TASK: Among the records below, which lines contain the string "layers"? Report them.
++++ EXERCISE MATERIAL
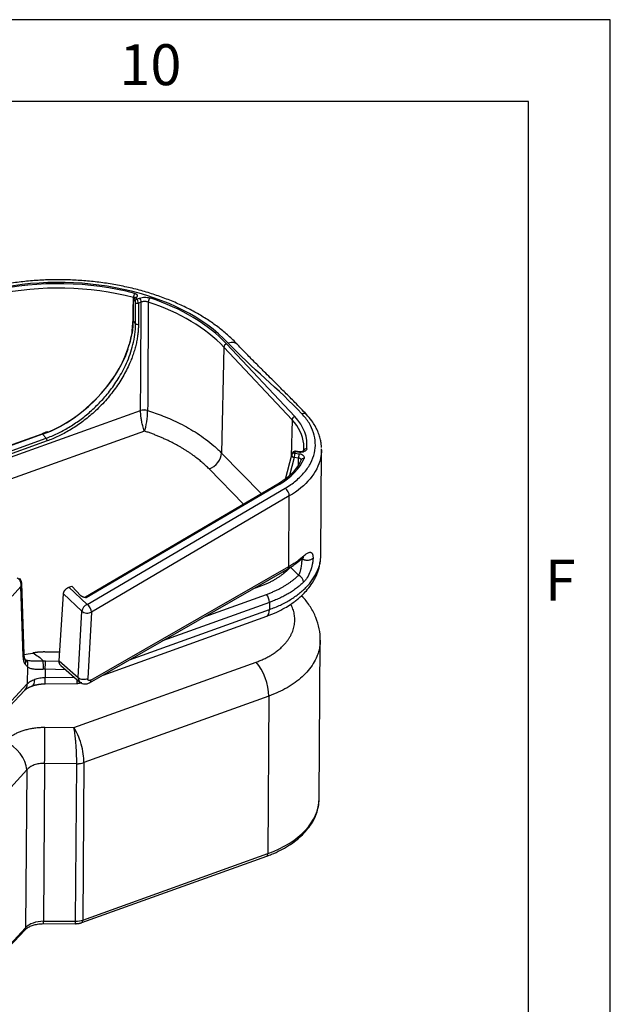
# Model space of a CAD drawing. Extents: x 2651 to 11825, y -3833 to 1075.
# Tile 150 of 256: x 3718 to 3791, y -464 to -343. Entities that reach past the tile are written whole.
import ezdxf

# ---------------------------------------------------------------- set-up
doc = ezdxf.new("R2010")
doc.units = 0
doc.header["$LTSCALE"] = 10
doc.layers.get('0').update_dxf_attribs({"linetype": 'CONTINUOUS'})
for name, color, linetype in [('1', 7, 'CONTINUOUS'), ('BOX', 4, 'CONTINUOUS'), ('DIM', 3, 'CONTINUOUS')]:
    doc.layers.add(name, color=color, linetype=linetype)
doc.styles.get("Standard").update_dxf_attribs({"font": 'romans.shx'})

# ---------------------------------------------------------------- blocks, each defined once
blk = doc.blocks.new('dg')
at = {"layer": 'BOX', "color": 3}
for points in [[(0, 0), (1140, 0), (1140, 820), (0, 820)], [(10, 10), (1130, 10), (1130, 810), (10, 810)]]:
    blk.add_lwpolyline(points, close=True, dxfattribs=at)
at = {"color": 4, "char_height": 5, "attachment_point": 1}
for s, width, insert in [('{\\fArial|b1|i0|c0|p34;\\C6;10}', 8, (1080, 817)), ('{\\fArial|b1|i0|c0|p34;\\C6;F}', 6, (1132, 754))]:
    blk.add_mtext_dynamic_manual_height_columns(s, width=width, gutter_width=12.5, heights=[0], dxfattribs=dict(at, insert=insert))

msp = doc.modelspace()

# ---------------------------------------------------------------- linework, layer by layer
at = {"layer": '1', "color": 253, "linetype": 'Continuous'}
for p, q in [((3732.586, -377.773), (3732.446, -377.624)), ((3732.666, -377.346), (3732.807, -377.495)), ((3732.807, -377.495), (3733.152, -377.371)), ((3732.654, -380.513), (3732.65, -377.94)), ((3733.343, -377.871), (3732.997, -377.995)), ((3732.997, -377.995), (3733.001, -380.569)), ((3732.343, -380.183), (3732.654, -380.513)), ((3743.436, -383.374), (3743.163, -396.312)), ((3751.78, -392.249), (3743.436, -383.374)), ((3743.767, -382.961), (3752.11, -391.836)), ((3701.252, -402.614), (3733.259, -391.117)), ((3751.78, -392.249), (3751.685, -396.724)), ((3733.736, -393.629), (3703.618, -404.448)), ((3721.268, -394.027), (3706.485, -399.337)), ((3706.93, -399.81), (3721.713, -394.5)), ((3721.713, -394.5), (3721.268, -394.027)), ((3721.84, -394.833), (3707.057, -400.144)), ((3743.163, -396.312), (3748.037, -401.293)), ((3752.039, -396.863), (3751.462, -399.064)), ((3752.575, -396.922), (3752.039, -396.863)), ((3752.149, -396.174), (3752.105, -396.335)), ((3752.105, -396.335), (3752.641, -396.394)), ((3752.685, -396.233), (3752.149, -396.174)), ((3745.859, -402.572), (3741.643, -398.263)), ((3750.221, -400.156), (3726.628, -414.005)), ((3726.729, -414.821), (3750.925, -400.618)), ((3751.447, -401.56), (3727.251, -415.763)), ((3751.388, -410.168), (3751.447, -401.56)), ((3727.179, -424.065), (3751.388, -410.168)), ((3752.576, -411.251), (3751.601, -410.255)), ((3750.796, -410.902), (3750.555, -410.879)), ((3718.638, -412.633), (3717.56, -413.804)), ((3718.929, -421.184), (3718.638, -412.633)), ((3726.09, -415.644), (3723.841, -413.515)), ((3724.502, -412.712), (3726.729, -414.821)), ((3741.145, -416.28), (3748.662, -413.58)), ((3749.023, -414.565), (3735.958, -419.258)), ((3749.023, -414.565), (3749.017, -415.434)), ((3725.649, -423.741), (3726.09, -415.644)), ((3727.251, -415.763), (3726.81, -423.86)), ((3731.926, -421.573), (3749.017, -415.434)), ((3721.63, -421.696), (3723.321, -421.731)), ((3723.321, -421.724), (3725.649, -423.741)), ((3725.12, -429.864), (3747.399, -421.862)), ((3719.427, -422.398), (3719.412, -424.526)), ((3721.611, -422.744), (3721.604, -423.738)), ((3724.112, -422.796), (3721.611, -422.744)), ((3717.472, -426.593), (3719.412, -424.526)), ((3721.604, -423.738), (3725.158, -423.703)), ((3748.944, -426.013), (3726.342, -434.132)), ((3748.944, -426.013), (3748.813, -445.27)), ((3721.571, -429.827), (3725.12, -429.864)), ((3721.532, -434.241), (3721.4, -453.535)), ((3725.455, -434.283), (3721.532, -434.241)), ((3725.323, -453.537), (3725.455, -434.283)), ((3726.342, -434.135), (3726.211, -453.389)), ((3719.34, -435.029), (3717.4, -437.176)), ((3719.34, -435.029), (3719.209, -454.322)), ((3726.211, -453.389), (3748.813, -445.27)), ((3721.4, -453.535), (3725.323, -453.537)), ((3717.268, -456.43), (3719.209, -454.322))]:
    msp.add_line(p, q, dxfattribs=at)
at = {"layer": '1', "color": 7, "linetype": 'Continuous'}
for p, q in [((3732.496, -377.303), (3732.493, -377.304)), ((3721.181, -393.987), (3706.398, -399.298)), ((3750.959, -399.492), (3751.734, -396.536)), ((3751.734, -396.536), (3751.779, -396.375)), ((3752.724, -396.153), (3752.188, -396.094)), ((3755.298, -408.802), (3755.386, -395.9)), ((3750.026, -400.126), (3726.531, -413.918)), ((3727.033, -424.382), (3751.241, -410.485)), ((3719.029, -420.922), (3718.733, -412.233)), ((3724.502, -412.712), (3724.858, -412.584)), ((3724.858, -412.584), (3725.962, -413.759)), ((3747.836, -412.634), (3746.929, -412.96)), ((3723.321, -421.724), (3723.841, -413.515)), ((3728.677, -423.438), (3748.677, -416.254)), ((3755.094, -438.53), (3755.227, -419.176)), ((3723.388, -420.664), (3721.601, -420.627)), ((3719.17, -421.53), (3719.169, -421.532)), ((3723.532, -422.294), (3725.857, -424.308)), ((3721.611, -424.509), (3725.506, -424.471)), ((3717.193, -427.346), (3719.128, -425.285)), ((3726.083, -453.697), (3748.685, -445.578)), ((3717.167, -456.709), (3719.107, -454.602)), ((3721.395, -453.824), (3725.318, -453.826))]:
    msp.add_line(p, q, dxfattribs=at)
for start, end in [(109.75873, 164.66818), (83.74271, 109.75873)]:
    msp.add_arc((3752.147, -396.473), 0.381, start, end, dxfattribs=at)
at = {"layer": '1', "color": 253, "linetype": 'Continuous'}
for centre, major_axis, ratio, start_param, end_param in [((3723.388, -390.281), (-23.875, 0.163), 0.6204961, 3.6756458, 5.0930637), ((3723.388, -390.281), (23.62, -0.161), 0.6204961, 1.1769635, 1.929736), ((3723.386, -390.579), (-23.239, 0.159), 0.6204961, 4.3185561, 5.0605839), ((3732.599, -377.574), (0.254, -0.004), 0.6279866, 3.1419109, 3.6802003), ((3732.542, -377.108), (0.098, 0.368), 0.3009252, 0.7084473, 2.2748803), ((3732.665, -377.545), (0.185, 0.174), 0.6750091, 0.9991249, 2.5699213), ((3732.805, -377.694), (0.185, 0.174), 0.6750091, 0.9991249, 2.5699213), ((3732.586, -377.873), (0.043, -0.12), 0.3991832, 0.8405419, 2.3982482), ((3732.805, -377.794), (-0.129, 0.359), 0.3991832, 3.9821345, 5.5398409), ((3733.15, -377.67), (-0.129, 0.359), 0.3991832, 3.9821345, 5.5398409), ((3734.383, -377.658), (0.12, 0.362), 0.3622276, 0.7284373, 2.2861437), ((3723.388, -390.281), (23.616, -0.161), 0.6204961, 0.5340532, 1.0906583), ((3732.869, -377.861), (0.254, 0), 0.6116074, 3.6704573, 5.2412537), ((3723.386, -390.576), (-23.236, 0.159), 0.6204961, 3.6756458, 4.2322509), ((3732.562, -380.104), (-0.254, 0.004), 0.6288992, 6.2847138, 6.8223597), ((3732.873, -380.435), (0.254, 0), 0.6116074, 3.6704573, 5.2412537), ((3732.434, -381.622), (-0.251, 0.041), 0.561757, 6.2874191, 6.9096873), ((3743.765, -383.26), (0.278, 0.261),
++++++++
REPLY:
doc.layers.get('0').update_dxf_attribs({"linetype": 'CONTINUOUS'})
    doc.layers.add(name, color=color, linetype=linetype)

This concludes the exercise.